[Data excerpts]
=== Section Start ===
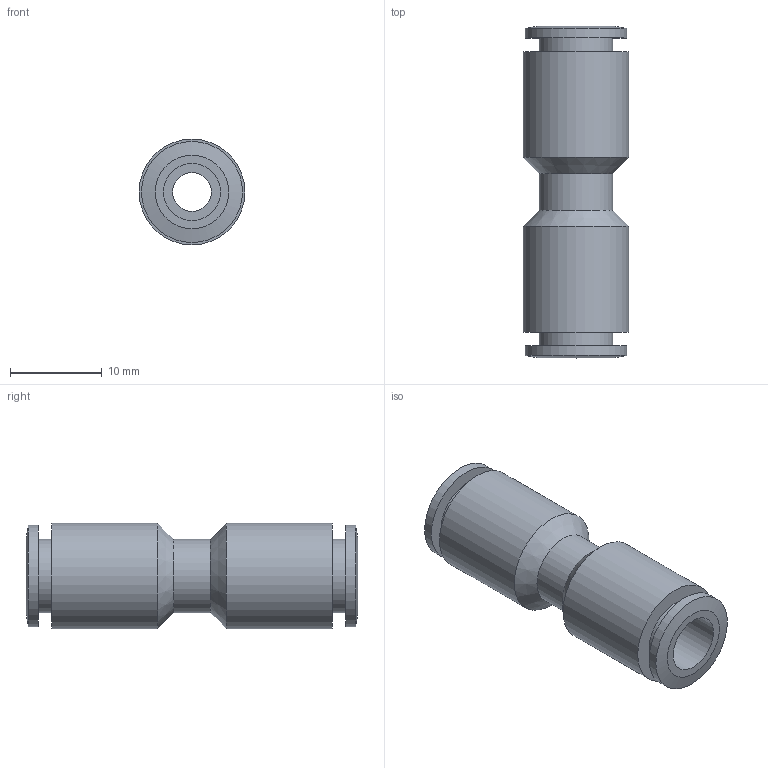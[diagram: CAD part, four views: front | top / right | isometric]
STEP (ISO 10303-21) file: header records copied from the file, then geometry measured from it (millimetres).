
FILE_DESCRIPTION((''),'2;1');
FILE_NAME('C:\Documents and Settings\rivolro1\Documenti\copia di Raccordi\PLASTICA\T03XX00\T030600.stp','2007-10-30T15:28:54',('Rivolro1'),(''),'Autodesk Inventor 2008','Autodesk Inventor 2008','');
FILE_SCHEMA(('AUTOMOTIVE_DESIGN { 1 0 10303 214 1 1 1 1 }'));
Length unit declared in the file: millimetre
Products named in the file (1): T030600
Bounding box: 11.5 x 36.1 x 11.5 mm (x, y, z)
Volume: 2219.9 mm3; surface area: 2266.5 mm2
Topology: 1 solids, 1 shells, 22 faces, 37 edges, 23 vertices
Faces by surface type: cylinder 8, plane 6, bspline 4, cone 4
Full cylindrical faces by diameter (mm): 4.2 x1, 8 x3, 11 x2, 11.5 x2
Entity records: 523 total; most frequent: CARTESIAN_POINT 107, DIRECTION 82, ORIENTED_EDGE 44, EDGE_LOOP 44, AXIS2_PLACEMENT_3D 41, VERTEX_POINT 22, CIRCLE 22, EDGE_CURVE 22
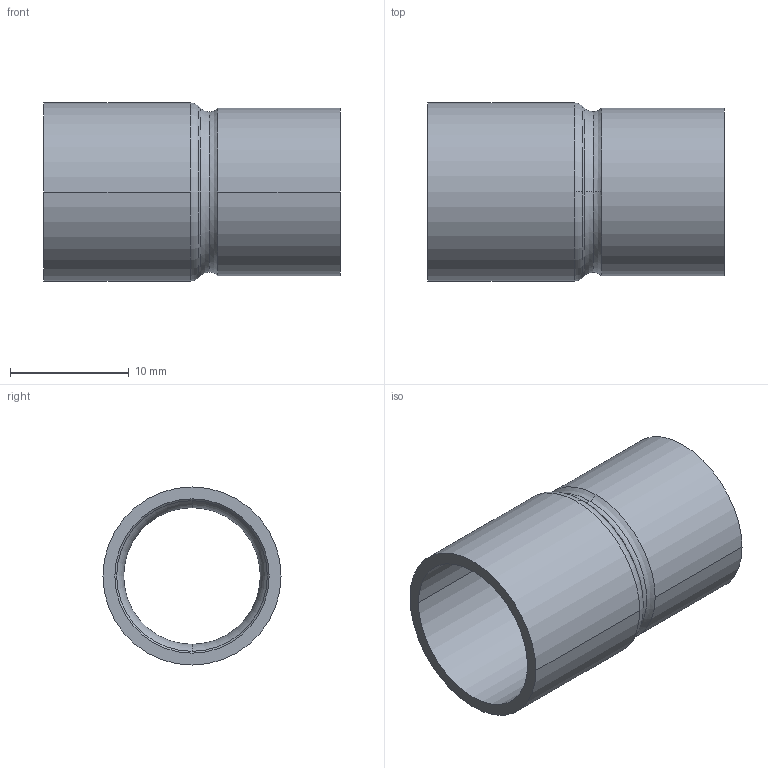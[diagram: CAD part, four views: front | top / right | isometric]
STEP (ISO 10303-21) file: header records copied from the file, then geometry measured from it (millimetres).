
FILE_DESCRIPTION((''),'2;1');
FILE_NAME('G:\Technics\CAD\Bauteile\Serie 15243\152431512.stp','2005-10-21T12:49:31',('boden'),(''),'Autodesk Inventor 8','Autodesk Inventor 8','');
FILE_SCHEMA(('AUTOMOTIVE_DESIGN { 1 0 10303 214 1 1 1 1 }'));
Length unit declared in the file: millimetre
Products named in the file (1): 152431512
Bounding box: 25 x 15 x 15 mm (x, y, z)
Volume: 1075.1 mm3; surface area: 2235.7 mm2
Topology: 1 solids, 1 shells, 24 faces, 60 edges, 38 vertices
Faces by surface type: cylinder 8, torus 6, bspline 4, cone 4, plane 2
Entity records: 931 total; most frequent: CARTESIAN_POINT 299, DIRECTION 150, ORIENTED_EDGE 120, AXIS2_PLACEMENT_3D 69, EDGE_CURVE 60, CIRCLE 48, VERTEX_POINT 38, EDGE_LOOP 26
=== Section End ===
_Problem to solve_
Restate each entry exactly, omitting pictures.

_Answer to this exercise_
[diagram: CAD part, four views: front | top / right | isometric]
STEP (ISO 10303-21) file: header records copied from the file, then geometry measured from it (millimetres).
FILE_DESCRIPTION((''),'2;1');
FILE_NAME('C:\Documents and Settings\rivolro1\Documenti\copia di Raccordi\PLASTICA\T03XX00\T030600.stp','2007-10-30T15:28:54',('Rivolro1'),(''),'Autodesk Inventor 2008','Autodesk Inventor 2008','');
FILE_SCHEMA(('AUTOMOTIVE_DESIGN { 1 0 10303 214 1 1 1 1 }'));
Length unit declared in the file: millimetre
Products named in the file (1): T030600
Bounding box: 11.5 x 36.1 x 11.5 mm (x, y, z)
Volume: 2219.9 mm3; surface area: 2266.5 mm2
Topology: 1 solids, 1 shells, 22 faces, 37 edges, 23 vertices
Faces by surface type: cylinder 8, plane 6, bspline 4, cone 4
Full cylindrical faces by diameter (mm): 4.2 x1, 8 x3, 11 x2, 11.5 x2
Entity records: 523 total; most frequent: CARTESIAN_POINT 107, DIRECTION 82, ORIENTED_EDGE 44, EDGE_LOOP 44, AXIS2_PLACEMENT_3D 41, VERTEX_POINT 22, CIRCLE 22, EDGE_CURVE 22
[diagram: CAD part, four views: front | top / right | isometric]
STEP (ISO 10303-21) file: header records copied from the file, then geometry measured from it (millimetres).
FILE_DESCRIPTION((''),'2;1');
FILE_NAME('G:\Technics\CAD\Bauteile\Serie 15243\152431512.stp','2005-10-21T12:49:31',('boden'),(''),'Autodesk Inventor 8','Autodesk Inventor 8','');
FILE_SCHEMA(('AUTOMOTIVE_DESIGN { 1 0 10303 214 1 1 1 1 }'));
Length unit declared in the file: millimetre
Products named in the file (1): 152431512
Bounding box: 25 x 15 x 15 mm (x, y, z)
Volume: 1075.1 mm3; surface area: 2235.7 mm2
Topology: 1 solids, 1 shells, 24 faces, 60 edges, 38 vertices
Faces by surface type: cylinder 8, torus 6, bspline 4, cone 4, plane 2
Entity records: 931 total; most frequent: CARTESIAN_POINT 299, DIRECTION 150, ORIENTED_EDGE 120, AXIS2_PLACEMENT_3D 69, EDGE_CURVE 60, CIRCLE 48, VERTEX_POINT 38, EDGE_LOOP 26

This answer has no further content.